Records drawn from a dataset:

<<<<

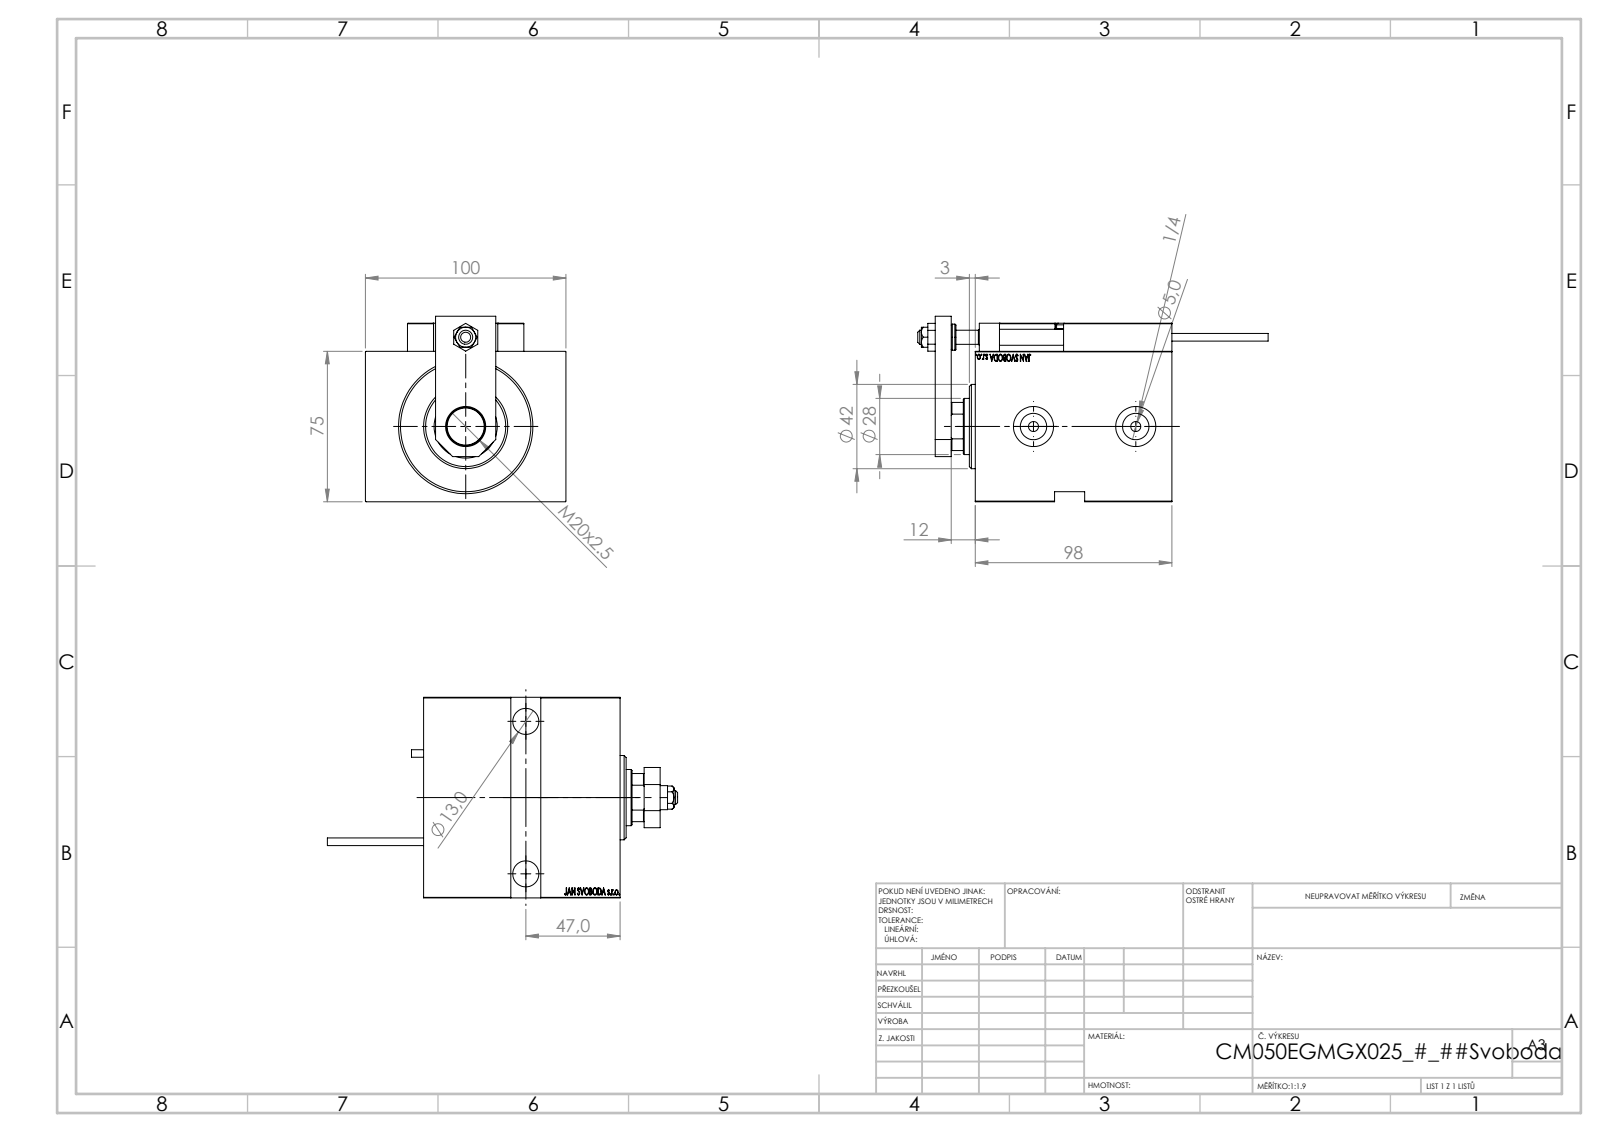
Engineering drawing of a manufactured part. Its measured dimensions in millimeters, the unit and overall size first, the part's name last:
Units: millimetres
Overall size (bounding box): 174.7 × 100 × 92.5
Round holes (diameter × count): ⌀8 ×5, ⌀3.2 ×4, ⌀4 ×4, ⌀5 ×4, ⌀20 ×3, ⌀13 ×2, ⌀13.16 ×2, ⌀19 ×2, ⌀7 ×1, ⌀18.5 ×1, ⌀28 ×1, ⌀31.5 ×1
Round bosses / shafts (diameter × count): ⌀5 ×2, ⌀3.8 ×2, ⌀52 ×1, ⌀42 ×1, ⌀13 ×1, ⌀11 ×1
Partial cylindrical surfaces — rounded edges, fillets, slot ends (radius × count): R0.3 ×30, R3 ×2, R13.5 ×1
Main face-to-face distances: 75, 14, 100, 98, 84, 5, 79, 25, 32, 12
Hole centre spacings: 11.37, 20, 29.59, 29.69, 36.06, 42.19, 48.83, 50.04
Volume: 729 848 mm³ · Surface area: 125 278 mm²
Bodies: 24 solids, 1285 faces (570 planar, 174 cylindrical, 541 other)
Part name (STEP PRODUCT): ZARAZKA; SWITCH DIM B,W; KONCOVKA; NUT_D10 (+7 more)
STEP written by: SolidWorks 2019 (CONFIG_CONTROL_DESIGN)
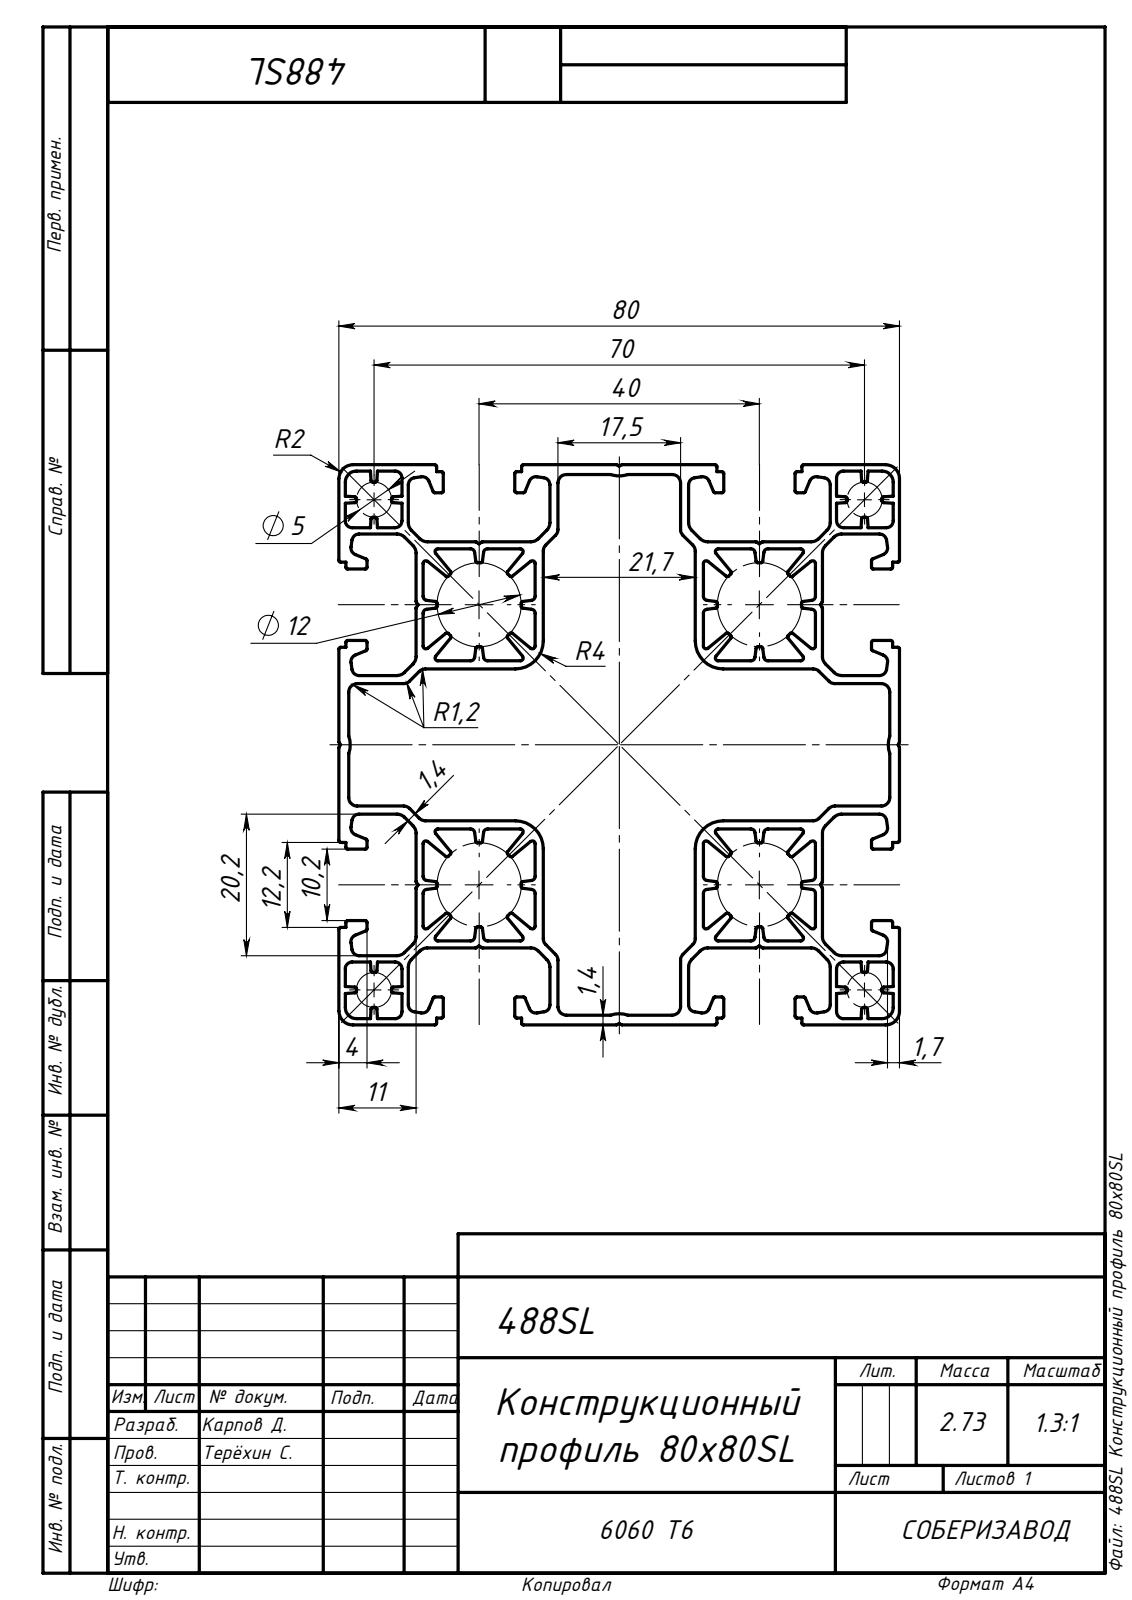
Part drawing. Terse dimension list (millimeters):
written by: SolidWorks 2018 (AUTOMOTIVE_DESIGN)
unit: mm
bodies: 1 solid, 846 faces (426 planar, 420 cylindrical, 0 other)
size: 1000 × 80 × 80
volume: 1 013 000 mm³; area: 1 523 000 mm²
rounds: 176× R0.25, 44× R1, 32× R0.4, 32× R0.6, 32× R1.5, 24× R1.2, 8× R4, 4× R1.6
face distances: 2.1, 1.16, 38.84, 40, 11, 69, 29.16, 50.84, 18.16, 39.84
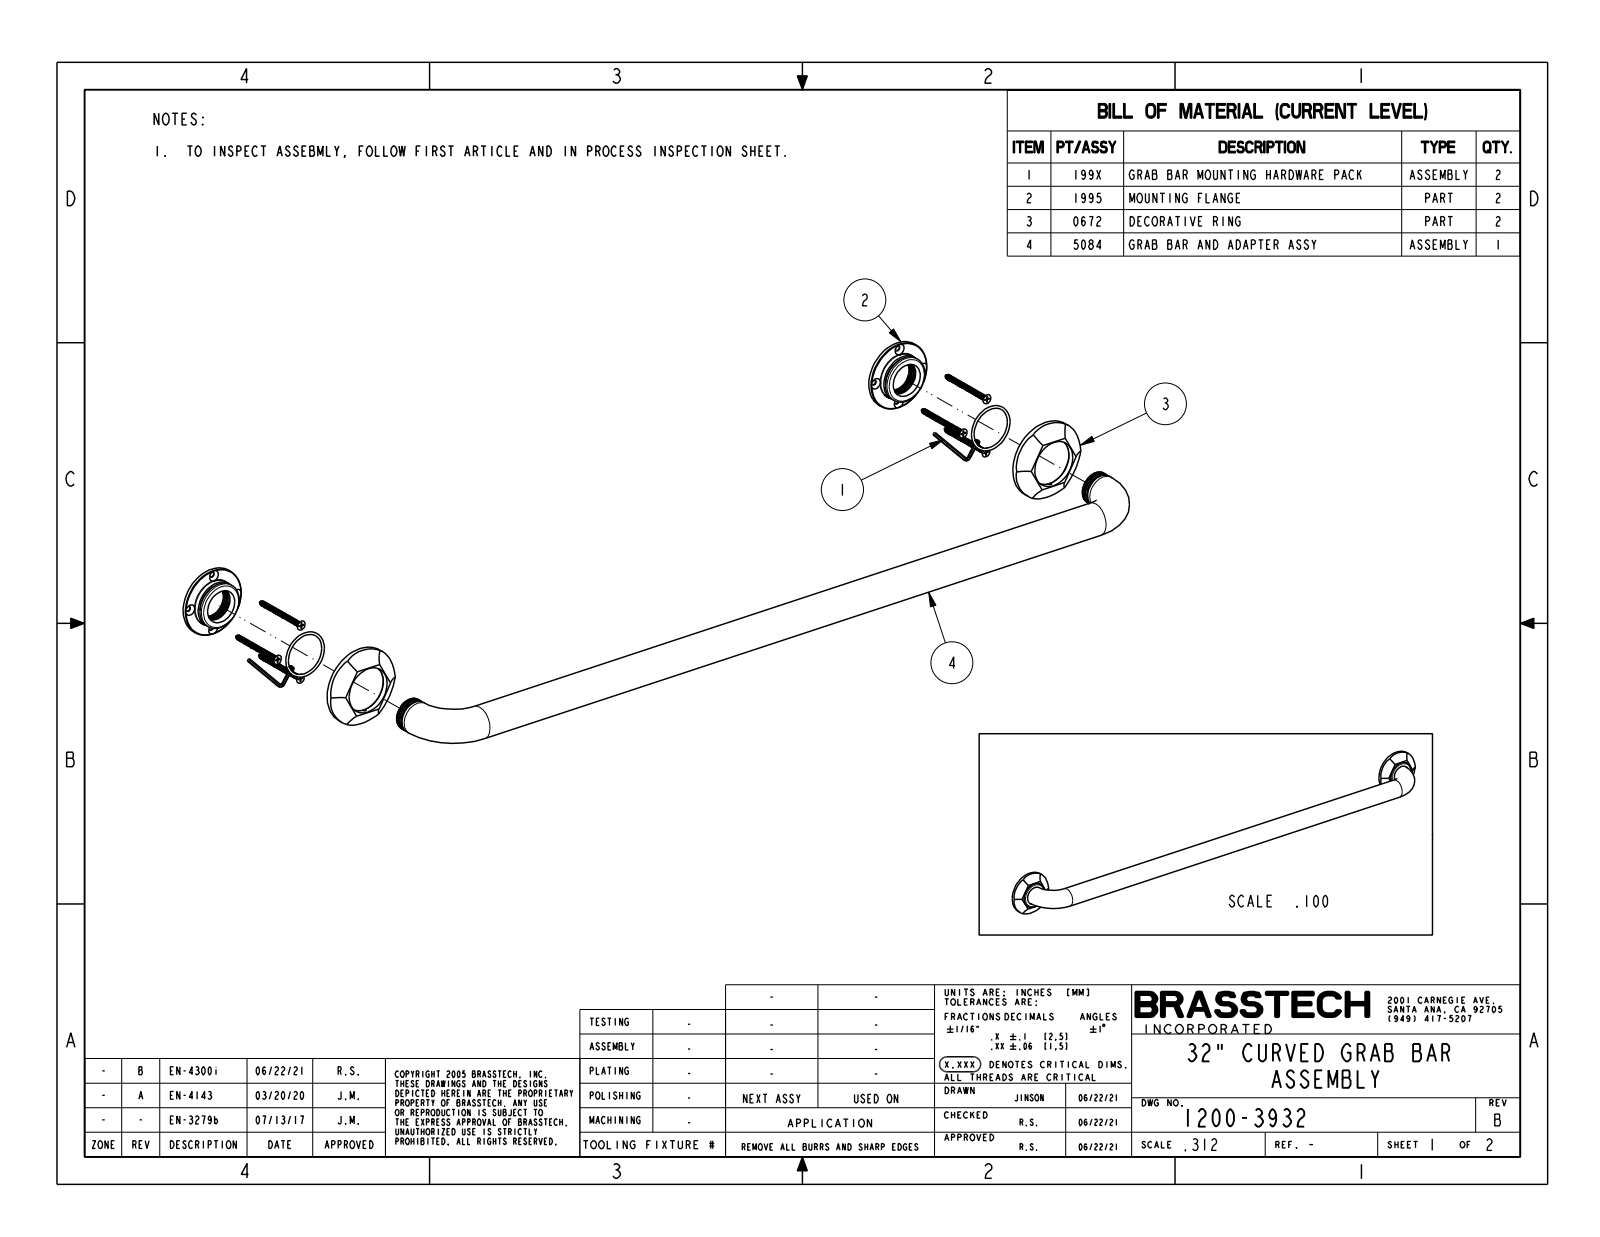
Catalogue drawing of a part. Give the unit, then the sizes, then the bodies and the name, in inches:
Units: inches
Overall size (bounding box): 35 × 3 × 2.75
Round bosses / shafts (diameter × count): ⌀3 ×2, ⌀1.75 ×2, ⌀1.25 ×1
Partial cylindrical surfaces — rounded edges, fillets, slot ends (radius × count): R1.181 ×10
Main face-to-face distances: 0.6, 0.525, 0.075
Volume: 47.2 in³ · Surface area: 163.5 in²
Bodies: 1 solid, 36 faces (6 planar, 22 cylindrical, 8 other)
Part name (STEP PRODUCT): 1200-3932_SW0001
STEP written by: CREO PARAMETRIC BY PTC INC, 2018400 (CONFIG_CONTROL_DESIGN)

>>>>

Assigned task: Copy task for the entries above: every line with the string "distances".

Response box:
Main face-to-face distances: 75, 14, 100, 98, 84, 5, 79, 25, 32, 12
face distances: 2.1, 1.16, 38.84, 40, 11, 69, 29.16, 50.84, 18.16, 39.84
Main face-to-face distances: 0.6, 0.525, 0.075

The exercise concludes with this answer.